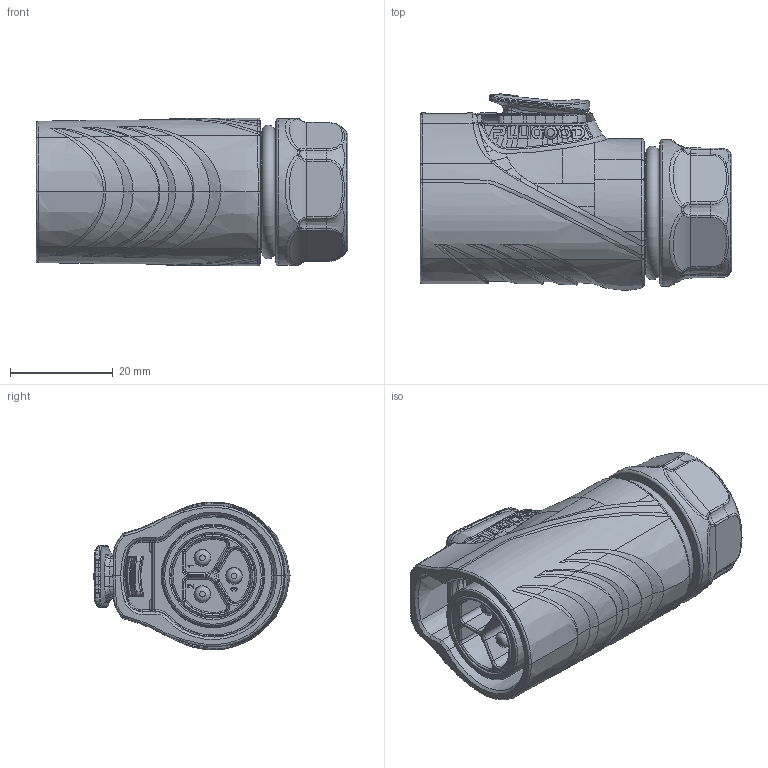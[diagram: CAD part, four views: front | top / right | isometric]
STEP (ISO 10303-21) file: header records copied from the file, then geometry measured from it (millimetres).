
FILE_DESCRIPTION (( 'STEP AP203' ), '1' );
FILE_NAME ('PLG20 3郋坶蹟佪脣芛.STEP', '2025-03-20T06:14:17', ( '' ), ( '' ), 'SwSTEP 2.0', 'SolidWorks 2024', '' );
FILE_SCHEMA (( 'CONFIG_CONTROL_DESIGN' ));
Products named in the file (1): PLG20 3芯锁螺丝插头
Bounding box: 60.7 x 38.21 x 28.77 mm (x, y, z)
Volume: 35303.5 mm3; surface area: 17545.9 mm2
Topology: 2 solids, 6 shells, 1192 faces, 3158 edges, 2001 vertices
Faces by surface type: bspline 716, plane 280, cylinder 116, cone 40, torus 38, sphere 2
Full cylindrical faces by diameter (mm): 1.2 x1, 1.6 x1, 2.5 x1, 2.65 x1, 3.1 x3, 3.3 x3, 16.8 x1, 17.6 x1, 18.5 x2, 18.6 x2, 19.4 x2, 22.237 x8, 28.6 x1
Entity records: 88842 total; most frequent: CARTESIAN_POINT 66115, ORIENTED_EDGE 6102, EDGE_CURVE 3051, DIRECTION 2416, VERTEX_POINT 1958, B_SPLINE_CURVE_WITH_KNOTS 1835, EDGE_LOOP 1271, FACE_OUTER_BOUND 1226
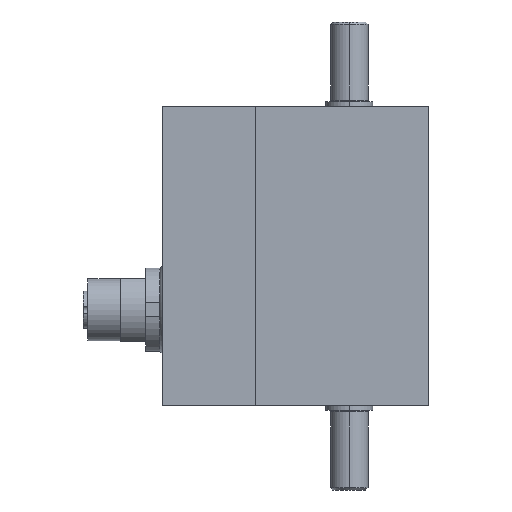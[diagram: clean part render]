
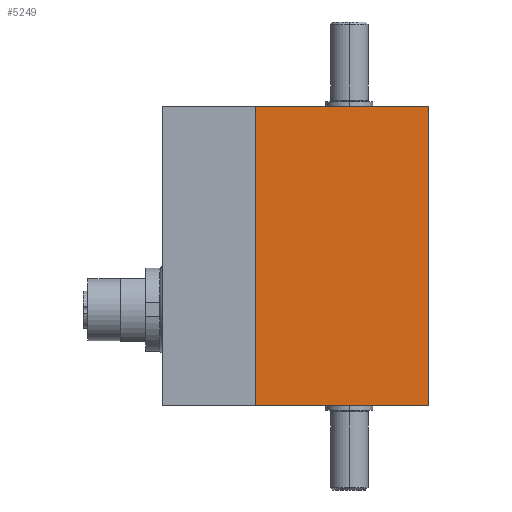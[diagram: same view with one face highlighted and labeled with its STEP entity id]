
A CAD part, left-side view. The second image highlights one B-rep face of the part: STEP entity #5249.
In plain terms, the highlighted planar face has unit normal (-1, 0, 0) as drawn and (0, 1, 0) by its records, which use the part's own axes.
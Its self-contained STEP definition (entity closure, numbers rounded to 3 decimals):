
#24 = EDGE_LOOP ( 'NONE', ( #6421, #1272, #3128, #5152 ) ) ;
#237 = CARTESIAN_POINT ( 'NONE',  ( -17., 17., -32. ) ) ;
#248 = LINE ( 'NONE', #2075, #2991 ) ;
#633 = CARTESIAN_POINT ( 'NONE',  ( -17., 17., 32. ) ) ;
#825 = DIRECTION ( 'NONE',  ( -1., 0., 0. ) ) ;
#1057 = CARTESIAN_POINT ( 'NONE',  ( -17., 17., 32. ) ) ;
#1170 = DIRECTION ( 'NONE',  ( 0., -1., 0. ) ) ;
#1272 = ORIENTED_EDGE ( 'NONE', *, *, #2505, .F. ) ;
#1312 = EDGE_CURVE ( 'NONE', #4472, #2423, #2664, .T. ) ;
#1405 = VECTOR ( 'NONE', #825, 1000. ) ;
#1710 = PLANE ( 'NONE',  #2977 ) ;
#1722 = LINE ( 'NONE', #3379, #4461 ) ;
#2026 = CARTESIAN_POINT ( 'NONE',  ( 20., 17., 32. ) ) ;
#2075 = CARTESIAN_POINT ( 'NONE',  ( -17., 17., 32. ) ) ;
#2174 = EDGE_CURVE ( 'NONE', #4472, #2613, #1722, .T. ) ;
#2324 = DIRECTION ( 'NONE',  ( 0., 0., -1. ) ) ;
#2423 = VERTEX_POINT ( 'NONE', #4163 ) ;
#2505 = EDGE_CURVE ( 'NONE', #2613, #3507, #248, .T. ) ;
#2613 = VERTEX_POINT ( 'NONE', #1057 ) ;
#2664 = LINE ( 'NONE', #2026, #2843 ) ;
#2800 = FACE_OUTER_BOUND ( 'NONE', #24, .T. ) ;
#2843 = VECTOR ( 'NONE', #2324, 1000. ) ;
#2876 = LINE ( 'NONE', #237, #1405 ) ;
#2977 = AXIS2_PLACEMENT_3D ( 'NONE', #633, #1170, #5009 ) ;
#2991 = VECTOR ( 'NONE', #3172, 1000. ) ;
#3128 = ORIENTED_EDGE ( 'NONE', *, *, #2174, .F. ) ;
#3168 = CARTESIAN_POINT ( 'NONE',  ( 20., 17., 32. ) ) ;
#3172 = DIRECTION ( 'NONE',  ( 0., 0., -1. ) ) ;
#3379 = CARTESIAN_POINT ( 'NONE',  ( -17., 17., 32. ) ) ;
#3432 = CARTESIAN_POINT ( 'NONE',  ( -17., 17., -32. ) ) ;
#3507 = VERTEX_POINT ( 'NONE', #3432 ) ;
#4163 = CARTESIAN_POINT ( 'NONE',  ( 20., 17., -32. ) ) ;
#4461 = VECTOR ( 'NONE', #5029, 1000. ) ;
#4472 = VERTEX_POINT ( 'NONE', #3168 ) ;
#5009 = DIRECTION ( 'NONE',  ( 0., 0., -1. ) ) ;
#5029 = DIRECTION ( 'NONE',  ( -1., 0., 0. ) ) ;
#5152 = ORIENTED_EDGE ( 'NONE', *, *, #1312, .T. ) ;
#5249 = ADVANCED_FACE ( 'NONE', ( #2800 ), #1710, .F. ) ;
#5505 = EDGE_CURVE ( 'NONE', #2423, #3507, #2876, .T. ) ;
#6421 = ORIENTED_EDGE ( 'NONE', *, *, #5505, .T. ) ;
· · · · · · ·
▶ What is expected:
Without changing a word, retype every entry above, but drop its pictures.

▶ Expected output:
[diagram: CAD part, four views: front | top / right | isometric]
STEP (ISO 10303-21) file: header records copied from the file, then geometry measured from it (millimetres).
FILE_DESCRIPTION (( 'STEP AP203' ), '1' );
FILE_NAME ('PLG20 3郋坶蹟佪脣芛.STEP', '2025-03-20T06:14:17', ( '' ), ( '' ), 'SwSTEP 2.0', 'SolidWorks 2024', '' );
FILE_SCHEMA (( 'CONFIG_CONTROL_DESIGN' ));
Products named in the file (1): PLG20 3芯锁螺丝插头
Bounding box: 60.7 x 38.21 x 28.77 mm (x, y, z)
Volume: 35303.5 mm3; surface area: 17545.9 mm2
Topology: 2 solids, 6 shells, 1192 faces, 3158 edges, 2001 vertices
Faces by surface type: bspline 716, plane 280, cylinder 116, cone 40, torus 38, sphere 2
Full cylindrical faces by diameter (mm): 1.2 x1, 1.6 x1, 2.5 x1, 2.65 x1, 3.1 x3, 3.3 x3, 16.8 x1, 17.6 x1, 18.5 x2, 18.6 x2, 19.4 x2, 22.237 x8, 28.6 x1
Entity records: 88842 total; most frequent: CARTESIAN_POINT 66115, ORIENTED_EDGE 6102, EDGE_CURVE 3051, DIRECTION 2416, VERTEX_POINT 1958, B_SPLINE_CURVE_WITH_KNOTS 1835, EDGE_LOOP 1271, FACE_OUTER_BOUND 1226
[diagram: clean part render]
[diagram: same view with one face highlighted and labeled with its STEP entity id]
A CAD part, left-side view. The second image highlights one B-rep face of the part: STEP entity #5249.
In plain terms, the highlighted planar face has unit normal (-1, 0, 0) as drawn and (0, 1, 0) by its records, which use the part's own axes.
Its self-contained STEP definition (entity closure, numbers rounded to 3 decimals):
#24 = EDGE_LOOP ( 'NONE', ( #6421, #1272, #3128, #5152 ) ) ;
#237 = CARTESIAN_POINT ( 'NONE',  ( -17., 17., -32. ) ) ;
#248 = LINE ( 'NONE', #2075, #2991 ) ;
#633 = CARTESIAN_POINT ( 'NONE',  ( -17., 17., 32. ) ) ;
#825 = DIRECTION ( 'NONE',  ( -1., 0., 0. ) ) ;
#1057 = CARTESIAN_POINT ( 'NONE',  ( -17., 17., 32. ) ) ;
#1170 = DIRECTION ( 'NONE',  ( 0., -1., 0. ) ) ;
#1272 = ORIENTED_EDGE ( 'NONE', *, *, #2505, .F. ) ;
#1312 = EDGE_CURVE ( 'NONE', #4472, #2423, #2664, .T. ) ;
#1405 = VECTOR ( 'NONE', #825, 1000. ) ;
#1710 = PLANE ( 'NONE',  #2977 ) ;
#1722 = LINE ( 'NONE', #3379, #4461 ) ;
#2026 = CARTESIAN_POINT ( 'NONE',  ( 20., 17., 32. ) ) ;
#2075 = CARTESIAN_POINT ( 'NONE',  ( -17., 17., 32. ) ) ;
#2174 = EDGE_CURVE ( 'NONE', #4472, #2613, #1722, .T. ) ;
#2324 = DIRECTION ( 'NONE',  ( 0., 0., -1. ) ) ;
#2423 = VERTEX_POINT ( 'NONE', #4163 ) ;
#2505 = EDGE_CURVE ( 'NONE', #2613, #3507, #248, .T. ) ;
#2613 = VERTEX_POINT ( 'NONE', #1057 ) ;
#2664 = LINE ( 'NONE', #2026, #2843 ) ;
#2800 = FACE_OUTER_BOUND ( 'NONE', #24, .T. ) ;
#2843 = VECTOR ( 'NONE', #2324, 1000. ) ;
#2876 = LINE ( 'NONE', #237, #1405 ) ;
#2977 = AXIS2_PLACEMENT_3D ( 'NONE', #633, #1170, #5009 ) ;
#2991 = VECTOR ( 'NONE', #3172, 1000. ) ;
#3128 = ORIENTED_EDGE ( 'NONE', *, *, #2174, .F. ) ;
#3168 = CARTESIAN_POINT ( 'NONE',  ( 20., 17., 32. ) ) ;
#3172 = DIRECTION ( 'NONE',  ( 0., 0., -1. ) ) ;
#3379 = CARTESIAN_POINT ( 'NONE',  ( -17., 17., 32. ) ) ;
#3432 = CARTESIAN_POINT ( 'NONE',  ( -17., 17., -32. ) ) ;
#3507 = VERTEX_POINT ( 'NONE', #3432 ) ;
#4163 = CARTESIAN_POINT ( 'NONE',  ( 20., 17., -32. ) ) ;
#4461 = VECTOR ( 'NONE', #5029, 1000. ) ;
#4472 = VERTEX_POINT ( 'NONE', #3168 ) ;
#5009 = DIRECTION ( 'NONE',  ( 0., 0., -1. ) ) ;
#5029 = DIRECTION ( 'NONE',  ( -1., 0., 0. ) ) ;
#5152 = ORIENTED_EDGE ( 'NONE', *, *, #1312, .T. ) ;
#5249 = ADVANCED_FACE ( 'NONE', ( #2800 ), #1710, .F. ) ;
#5505 = EDGE_CURVE ( 'NONE', #2423, #3507, #2876, .T. ) ;
#6421 = ORIENTED_EDGE ( 'NONE', *, *, #5505, .T. ) ;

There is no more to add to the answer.